PROVIDED MATERIAL:
= = =

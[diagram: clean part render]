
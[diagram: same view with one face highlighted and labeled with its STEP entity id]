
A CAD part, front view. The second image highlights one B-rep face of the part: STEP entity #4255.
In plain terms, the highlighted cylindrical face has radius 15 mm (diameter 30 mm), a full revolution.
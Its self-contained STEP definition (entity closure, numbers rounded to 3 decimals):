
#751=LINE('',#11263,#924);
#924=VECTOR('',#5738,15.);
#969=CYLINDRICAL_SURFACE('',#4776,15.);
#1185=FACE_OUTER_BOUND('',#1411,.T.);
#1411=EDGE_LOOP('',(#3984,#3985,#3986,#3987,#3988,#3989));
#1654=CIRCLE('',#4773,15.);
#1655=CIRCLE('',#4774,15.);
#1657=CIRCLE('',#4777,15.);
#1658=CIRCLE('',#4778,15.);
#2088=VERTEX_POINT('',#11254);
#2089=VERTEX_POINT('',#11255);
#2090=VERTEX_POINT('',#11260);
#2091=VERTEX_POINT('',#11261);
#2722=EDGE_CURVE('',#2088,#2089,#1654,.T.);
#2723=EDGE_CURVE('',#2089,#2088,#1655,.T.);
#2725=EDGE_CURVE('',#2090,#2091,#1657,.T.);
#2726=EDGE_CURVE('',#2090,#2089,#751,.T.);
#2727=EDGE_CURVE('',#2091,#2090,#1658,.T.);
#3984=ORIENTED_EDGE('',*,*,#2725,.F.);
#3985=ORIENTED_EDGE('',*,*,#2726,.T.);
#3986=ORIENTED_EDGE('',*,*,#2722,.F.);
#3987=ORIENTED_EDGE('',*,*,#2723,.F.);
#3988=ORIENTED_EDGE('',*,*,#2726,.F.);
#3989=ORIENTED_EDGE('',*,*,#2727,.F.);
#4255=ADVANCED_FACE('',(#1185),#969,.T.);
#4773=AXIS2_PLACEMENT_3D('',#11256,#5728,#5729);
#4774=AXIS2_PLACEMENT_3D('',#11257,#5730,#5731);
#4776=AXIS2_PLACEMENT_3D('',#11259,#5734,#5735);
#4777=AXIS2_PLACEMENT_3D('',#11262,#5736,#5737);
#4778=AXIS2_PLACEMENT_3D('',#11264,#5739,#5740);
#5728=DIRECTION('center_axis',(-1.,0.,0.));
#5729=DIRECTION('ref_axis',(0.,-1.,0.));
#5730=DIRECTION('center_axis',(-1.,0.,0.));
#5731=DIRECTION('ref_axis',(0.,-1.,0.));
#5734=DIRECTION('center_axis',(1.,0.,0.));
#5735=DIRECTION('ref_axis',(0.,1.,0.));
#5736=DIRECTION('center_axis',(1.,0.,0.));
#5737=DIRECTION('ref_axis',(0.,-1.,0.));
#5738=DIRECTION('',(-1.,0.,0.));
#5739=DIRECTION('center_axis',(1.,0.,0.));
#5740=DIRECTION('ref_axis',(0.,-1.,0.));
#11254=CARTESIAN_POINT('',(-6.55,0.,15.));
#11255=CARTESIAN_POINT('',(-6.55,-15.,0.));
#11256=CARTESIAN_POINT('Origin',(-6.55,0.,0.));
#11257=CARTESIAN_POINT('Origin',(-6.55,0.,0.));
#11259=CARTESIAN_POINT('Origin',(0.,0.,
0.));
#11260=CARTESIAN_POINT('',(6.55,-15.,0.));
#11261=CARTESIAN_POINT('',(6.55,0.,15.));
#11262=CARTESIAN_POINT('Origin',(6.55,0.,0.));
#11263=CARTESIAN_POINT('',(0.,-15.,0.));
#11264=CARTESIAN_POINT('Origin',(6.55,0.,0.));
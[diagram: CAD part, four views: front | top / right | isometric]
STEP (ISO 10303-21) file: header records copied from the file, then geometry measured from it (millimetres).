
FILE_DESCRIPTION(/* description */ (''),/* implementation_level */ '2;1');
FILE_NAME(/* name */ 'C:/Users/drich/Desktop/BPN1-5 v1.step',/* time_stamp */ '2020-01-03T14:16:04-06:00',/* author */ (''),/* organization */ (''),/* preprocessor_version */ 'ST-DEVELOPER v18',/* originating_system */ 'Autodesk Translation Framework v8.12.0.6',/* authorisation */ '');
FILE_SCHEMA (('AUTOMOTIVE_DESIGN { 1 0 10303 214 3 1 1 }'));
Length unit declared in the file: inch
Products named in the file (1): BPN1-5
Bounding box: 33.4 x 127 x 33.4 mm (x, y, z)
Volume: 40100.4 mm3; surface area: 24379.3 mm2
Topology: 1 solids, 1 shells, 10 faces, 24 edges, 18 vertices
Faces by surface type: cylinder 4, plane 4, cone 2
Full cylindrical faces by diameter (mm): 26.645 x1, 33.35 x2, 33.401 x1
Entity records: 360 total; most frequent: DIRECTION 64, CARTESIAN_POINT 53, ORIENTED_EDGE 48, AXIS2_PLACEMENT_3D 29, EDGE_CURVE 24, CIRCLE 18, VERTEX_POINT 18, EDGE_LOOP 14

= = =

TASK REQUIREMENTS: Copy, exactly and only, the lines above that begin with the one containing "#2726=EDGE_CURVE('',#2090,#2089,#751,.T.);" and finish with the one containing "#5735=DIRECTION('ref_axis',(0.,1.,0.));".

ANSWER SECTION:
#2726=EDGE_CURVE('',#2090,#2089,#751,.T.);
#2727=EDGE_CURVE('',#2091,#2090,#1658,.T.);
#3984=ORIENTED_EDGE('',*,*,#2725,.F.);
#3985=ORIENTED_EDGE('',*,*,#2726,.T.);
#3986=ORIENTED_EDGE('',*,*,#2722,.F.);
#3987=ORIENTED_EDGE('',*,*,#2723,.F.);
#3988=ORIENTED_EDGE('',*,*,#2726,.F.);
#3989=ORIENTED_EDGE('',*,*,#2727,.F.);
#4255=ADVANCED_FACE('',(#1185),#969,.T.);
#4773=AXIS2_PLACEMENT_3D('',#11256,#5728,#5729);
#4774=AXIS2_PLACEMENT_3D('',#11257,#5730,#5731);
#4776=AXIS2_PLACEMENT_3D('',#11259,#5734,#5735);
#4777=AXIS2_PLACEMENT_3D('',#11262,#5736,#5737);
#4778=AXIS2_PLACEMENT_3D('',#11264,#5739,#5740);
#5728=DIRECTION('center_axis',(-1.,0.,0.));
#5729=DIRECTION('ref_axis',(0.,-1.,0.));
#5730=DIRECTION('center_axis',(-1.,0.,0.));
#5731=DIRECTION('ref_axis',(0.,-1.,0.));
#5734=DIRECTION('center_axis',(1.,0.,0.));
#5735=DIRECTION('ref_axis',(0.,1.,0.));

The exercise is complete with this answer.